1. Feed your soul with primary food. Friends and family, physical activity, spirituality and a satisfying career feed us. Lack of primary food creates over-reliance on secondary, edible food.
2. Drink water. Most people are chronically dehydrated. We often mistake thirst for hunger. If you feel hungry between meals, drink a glass of water before giving into cravings. Limit liquid calories from soda and juice.
3. Eat a plant-based diet. Plant foods are typically lower in fat and calories and higher in filling fiber than meat, dairy and processed foods, while providing loads of essential nutrients.
4. Chew your food well. Digestion begins in the mouth. By thoroughly chewing your food, your body will better assimilate nutrients; you will also slow down your eating. It takes about 20 minutes for your brain to register that it is full. By slowing your eating, you’ll feel full and satisfied on less food.

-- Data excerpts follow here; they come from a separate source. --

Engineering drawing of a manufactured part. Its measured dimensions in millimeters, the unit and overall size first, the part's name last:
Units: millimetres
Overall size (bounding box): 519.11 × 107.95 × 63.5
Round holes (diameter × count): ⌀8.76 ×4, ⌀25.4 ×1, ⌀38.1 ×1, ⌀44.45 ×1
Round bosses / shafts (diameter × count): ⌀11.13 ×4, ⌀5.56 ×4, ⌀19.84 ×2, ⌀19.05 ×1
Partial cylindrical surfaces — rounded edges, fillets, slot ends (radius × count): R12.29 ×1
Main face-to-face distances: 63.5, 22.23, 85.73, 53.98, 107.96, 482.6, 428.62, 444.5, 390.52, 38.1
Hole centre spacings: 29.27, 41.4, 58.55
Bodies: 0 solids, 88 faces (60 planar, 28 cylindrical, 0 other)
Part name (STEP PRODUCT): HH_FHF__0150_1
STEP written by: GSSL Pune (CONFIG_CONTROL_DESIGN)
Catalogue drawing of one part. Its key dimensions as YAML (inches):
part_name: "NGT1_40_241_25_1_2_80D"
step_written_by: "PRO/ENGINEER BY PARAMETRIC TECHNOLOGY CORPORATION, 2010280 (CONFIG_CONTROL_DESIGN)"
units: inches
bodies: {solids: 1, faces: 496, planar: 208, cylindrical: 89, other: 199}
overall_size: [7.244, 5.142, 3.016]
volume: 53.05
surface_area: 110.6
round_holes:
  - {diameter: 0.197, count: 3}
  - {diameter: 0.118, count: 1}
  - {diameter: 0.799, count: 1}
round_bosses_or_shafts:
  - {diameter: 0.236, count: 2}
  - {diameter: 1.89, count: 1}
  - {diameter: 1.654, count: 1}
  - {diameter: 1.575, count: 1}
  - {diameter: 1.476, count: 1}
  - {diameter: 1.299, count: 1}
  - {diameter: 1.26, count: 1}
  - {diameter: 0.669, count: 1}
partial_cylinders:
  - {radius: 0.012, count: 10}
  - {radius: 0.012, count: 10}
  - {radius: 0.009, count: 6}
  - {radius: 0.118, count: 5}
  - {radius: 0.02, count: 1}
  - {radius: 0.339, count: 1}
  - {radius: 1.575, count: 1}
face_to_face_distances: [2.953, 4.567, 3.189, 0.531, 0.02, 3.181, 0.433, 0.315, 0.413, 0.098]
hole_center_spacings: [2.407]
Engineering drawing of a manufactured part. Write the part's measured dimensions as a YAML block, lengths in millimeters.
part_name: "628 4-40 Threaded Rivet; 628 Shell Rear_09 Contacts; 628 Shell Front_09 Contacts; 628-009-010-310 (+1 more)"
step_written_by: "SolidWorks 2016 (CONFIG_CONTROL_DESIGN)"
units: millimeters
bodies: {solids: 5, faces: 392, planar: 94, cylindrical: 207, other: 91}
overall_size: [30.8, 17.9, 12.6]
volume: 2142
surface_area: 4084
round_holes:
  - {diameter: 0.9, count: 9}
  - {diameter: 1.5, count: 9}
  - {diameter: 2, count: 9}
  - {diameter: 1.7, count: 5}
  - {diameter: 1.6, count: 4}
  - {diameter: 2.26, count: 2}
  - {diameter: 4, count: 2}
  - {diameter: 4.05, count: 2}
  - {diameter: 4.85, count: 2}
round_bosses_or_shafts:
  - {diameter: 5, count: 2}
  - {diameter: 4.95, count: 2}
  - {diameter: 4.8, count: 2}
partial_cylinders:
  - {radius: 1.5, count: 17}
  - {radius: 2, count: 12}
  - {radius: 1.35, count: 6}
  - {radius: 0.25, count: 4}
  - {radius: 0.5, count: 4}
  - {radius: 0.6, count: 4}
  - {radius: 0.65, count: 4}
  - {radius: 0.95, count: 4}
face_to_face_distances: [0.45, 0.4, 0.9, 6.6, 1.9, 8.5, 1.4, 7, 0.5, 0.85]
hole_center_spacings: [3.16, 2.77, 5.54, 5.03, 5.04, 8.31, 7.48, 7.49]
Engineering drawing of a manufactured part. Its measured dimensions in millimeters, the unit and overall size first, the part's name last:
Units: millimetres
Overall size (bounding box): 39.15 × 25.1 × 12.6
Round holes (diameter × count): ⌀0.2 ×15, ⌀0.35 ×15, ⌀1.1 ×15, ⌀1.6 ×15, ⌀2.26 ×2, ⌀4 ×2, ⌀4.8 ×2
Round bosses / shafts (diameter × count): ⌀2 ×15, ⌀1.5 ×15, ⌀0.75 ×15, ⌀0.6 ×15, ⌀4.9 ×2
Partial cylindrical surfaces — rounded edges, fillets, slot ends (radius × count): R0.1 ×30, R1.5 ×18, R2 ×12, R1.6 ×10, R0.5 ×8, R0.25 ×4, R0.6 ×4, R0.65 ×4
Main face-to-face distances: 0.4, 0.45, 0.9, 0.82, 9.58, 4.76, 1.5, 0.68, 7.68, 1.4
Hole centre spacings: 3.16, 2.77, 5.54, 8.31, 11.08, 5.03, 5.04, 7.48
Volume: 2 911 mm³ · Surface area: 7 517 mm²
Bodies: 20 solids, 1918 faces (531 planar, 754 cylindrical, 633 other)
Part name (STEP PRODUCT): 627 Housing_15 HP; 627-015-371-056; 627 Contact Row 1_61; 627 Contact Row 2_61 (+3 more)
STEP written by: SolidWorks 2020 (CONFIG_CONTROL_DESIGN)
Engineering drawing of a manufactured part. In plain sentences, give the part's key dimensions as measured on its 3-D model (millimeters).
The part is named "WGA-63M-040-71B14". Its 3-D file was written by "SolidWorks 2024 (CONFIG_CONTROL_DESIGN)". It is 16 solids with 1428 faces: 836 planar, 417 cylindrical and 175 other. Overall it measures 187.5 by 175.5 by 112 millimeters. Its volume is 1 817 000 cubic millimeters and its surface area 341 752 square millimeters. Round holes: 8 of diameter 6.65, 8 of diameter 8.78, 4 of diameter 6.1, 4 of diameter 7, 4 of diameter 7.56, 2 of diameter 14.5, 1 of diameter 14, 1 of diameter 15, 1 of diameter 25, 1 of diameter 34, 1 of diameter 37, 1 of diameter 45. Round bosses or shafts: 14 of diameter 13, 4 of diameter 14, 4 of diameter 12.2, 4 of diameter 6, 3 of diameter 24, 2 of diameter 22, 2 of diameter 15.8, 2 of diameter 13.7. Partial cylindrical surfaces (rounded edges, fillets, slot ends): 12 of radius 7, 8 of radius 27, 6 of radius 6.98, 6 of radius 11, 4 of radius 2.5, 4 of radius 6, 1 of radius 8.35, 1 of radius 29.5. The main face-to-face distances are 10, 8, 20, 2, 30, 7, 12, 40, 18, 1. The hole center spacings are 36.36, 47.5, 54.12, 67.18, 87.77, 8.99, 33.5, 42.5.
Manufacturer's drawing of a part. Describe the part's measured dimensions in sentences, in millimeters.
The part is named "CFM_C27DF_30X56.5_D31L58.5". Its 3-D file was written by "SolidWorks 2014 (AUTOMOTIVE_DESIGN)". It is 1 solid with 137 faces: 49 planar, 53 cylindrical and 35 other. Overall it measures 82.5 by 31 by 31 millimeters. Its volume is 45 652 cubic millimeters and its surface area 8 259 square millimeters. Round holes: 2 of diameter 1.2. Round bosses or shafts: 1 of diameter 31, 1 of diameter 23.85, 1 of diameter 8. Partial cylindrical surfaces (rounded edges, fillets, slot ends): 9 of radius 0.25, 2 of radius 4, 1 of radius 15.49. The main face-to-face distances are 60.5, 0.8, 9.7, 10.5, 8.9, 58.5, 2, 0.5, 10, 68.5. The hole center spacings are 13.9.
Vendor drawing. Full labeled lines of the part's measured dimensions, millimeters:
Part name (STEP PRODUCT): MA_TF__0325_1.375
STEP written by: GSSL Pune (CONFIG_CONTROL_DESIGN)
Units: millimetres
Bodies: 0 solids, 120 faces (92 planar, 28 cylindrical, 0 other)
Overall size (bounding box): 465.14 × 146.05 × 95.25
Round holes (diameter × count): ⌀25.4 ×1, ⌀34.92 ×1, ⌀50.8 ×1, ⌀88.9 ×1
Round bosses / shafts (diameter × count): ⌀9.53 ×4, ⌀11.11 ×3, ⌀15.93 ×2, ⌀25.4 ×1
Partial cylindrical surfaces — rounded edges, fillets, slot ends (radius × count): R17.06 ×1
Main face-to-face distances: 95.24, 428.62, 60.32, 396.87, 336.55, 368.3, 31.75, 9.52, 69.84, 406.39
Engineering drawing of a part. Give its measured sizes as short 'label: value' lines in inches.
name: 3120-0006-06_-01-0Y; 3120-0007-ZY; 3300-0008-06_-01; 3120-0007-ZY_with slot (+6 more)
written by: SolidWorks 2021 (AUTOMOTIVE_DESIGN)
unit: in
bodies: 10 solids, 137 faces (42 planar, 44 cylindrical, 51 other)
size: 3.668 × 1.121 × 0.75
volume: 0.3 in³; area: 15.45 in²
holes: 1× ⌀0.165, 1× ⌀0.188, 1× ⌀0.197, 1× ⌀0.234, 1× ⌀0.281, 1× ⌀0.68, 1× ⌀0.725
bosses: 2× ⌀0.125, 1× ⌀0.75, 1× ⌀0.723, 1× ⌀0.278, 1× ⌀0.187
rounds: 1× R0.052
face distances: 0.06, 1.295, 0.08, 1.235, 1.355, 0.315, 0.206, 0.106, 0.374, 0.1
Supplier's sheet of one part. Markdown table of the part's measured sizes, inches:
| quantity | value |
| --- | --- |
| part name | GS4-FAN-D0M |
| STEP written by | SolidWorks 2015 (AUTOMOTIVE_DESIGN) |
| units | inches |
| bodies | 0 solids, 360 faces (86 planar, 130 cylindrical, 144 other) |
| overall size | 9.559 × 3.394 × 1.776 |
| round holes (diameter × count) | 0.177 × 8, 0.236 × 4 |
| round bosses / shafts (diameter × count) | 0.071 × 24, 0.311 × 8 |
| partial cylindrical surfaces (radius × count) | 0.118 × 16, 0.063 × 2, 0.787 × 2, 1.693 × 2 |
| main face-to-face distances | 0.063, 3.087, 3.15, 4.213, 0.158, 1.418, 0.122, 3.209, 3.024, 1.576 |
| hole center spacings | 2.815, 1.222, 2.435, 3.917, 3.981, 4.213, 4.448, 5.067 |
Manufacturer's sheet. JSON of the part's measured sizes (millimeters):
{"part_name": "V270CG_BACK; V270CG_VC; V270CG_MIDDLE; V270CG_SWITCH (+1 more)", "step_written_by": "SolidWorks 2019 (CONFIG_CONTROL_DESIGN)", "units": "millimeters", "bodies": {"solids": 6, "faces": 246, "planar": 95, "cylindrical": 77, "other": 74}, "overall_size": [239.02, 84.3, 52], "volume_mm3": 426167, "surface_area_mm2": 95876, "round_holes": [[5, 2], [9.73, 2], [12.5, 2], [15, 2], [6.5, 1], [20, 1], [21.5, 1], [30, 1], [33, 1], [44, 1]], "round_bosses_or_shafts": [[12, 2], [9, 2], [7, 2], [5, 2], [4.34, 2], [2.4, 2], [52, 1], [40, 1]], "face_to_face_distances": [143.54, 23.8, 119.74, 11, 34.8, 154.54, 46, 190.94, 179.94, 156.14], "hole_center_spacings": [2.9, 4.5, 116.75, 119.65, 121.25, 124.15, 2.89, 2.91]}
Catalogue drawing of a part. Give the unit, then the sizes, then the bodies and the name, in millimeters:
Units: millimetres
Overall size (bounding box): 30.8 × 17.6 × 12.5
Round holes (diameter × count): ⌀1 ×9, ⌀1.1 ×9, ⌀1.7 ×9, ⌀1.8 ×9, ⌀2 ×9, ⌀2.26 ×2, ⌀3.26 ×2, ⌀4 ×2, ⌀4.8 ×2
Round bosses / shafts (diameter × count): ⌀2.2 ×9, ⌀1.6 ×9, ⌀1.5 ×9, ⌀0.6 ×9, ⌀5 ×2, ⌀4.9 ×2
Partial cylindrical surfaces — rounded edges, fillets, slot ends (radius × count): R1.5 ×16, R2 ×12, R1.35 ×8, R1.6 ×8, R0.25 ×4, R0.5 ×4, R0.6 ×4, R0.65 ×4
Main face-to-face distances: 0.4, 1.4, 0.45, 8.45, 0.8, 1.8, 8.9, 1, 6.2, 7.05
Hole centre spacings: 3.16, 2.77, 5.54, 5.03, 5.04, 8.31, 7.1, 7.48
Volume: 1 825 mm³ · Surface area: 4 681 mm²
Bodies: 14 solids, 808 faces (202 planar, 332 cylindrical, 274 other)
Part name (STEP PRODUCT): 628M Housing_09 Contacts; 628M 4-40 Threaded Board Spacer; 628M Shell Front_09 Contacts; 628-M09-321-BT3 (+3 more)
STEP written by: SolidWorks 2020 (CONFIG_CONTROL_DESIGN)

5. Eat real food. Avoid products with high-fructose corn syrup or a long list of unpronounceable ingredients. They tend to be highly processed, lacking the nutrients your body needs, and are often loaded with empty calories.
6. Eat breakfast. Skipping meals causes your blood sugar levels to peak and dip, affecting your energy and moods. It can also cause overeating later on because you’re so hungry.
7. Eat mindfully. Turn off the TV. Get away from the computer. Sit down and savor the food you are eating with no distractions.
8. Get moving. Do any type of physical activity every day. Find movement or exercise you enjoy.
9. Sleep, rest and relax. When you are sleep-deprived or stressed, your body will crave energy, causing cravings for sugary snacks and caffeine as an energy boost.
10. Schedule fun time. Boredom and stress can lead to overeating. Make sure to take time to laugh, play and participate in activities that bring you joy.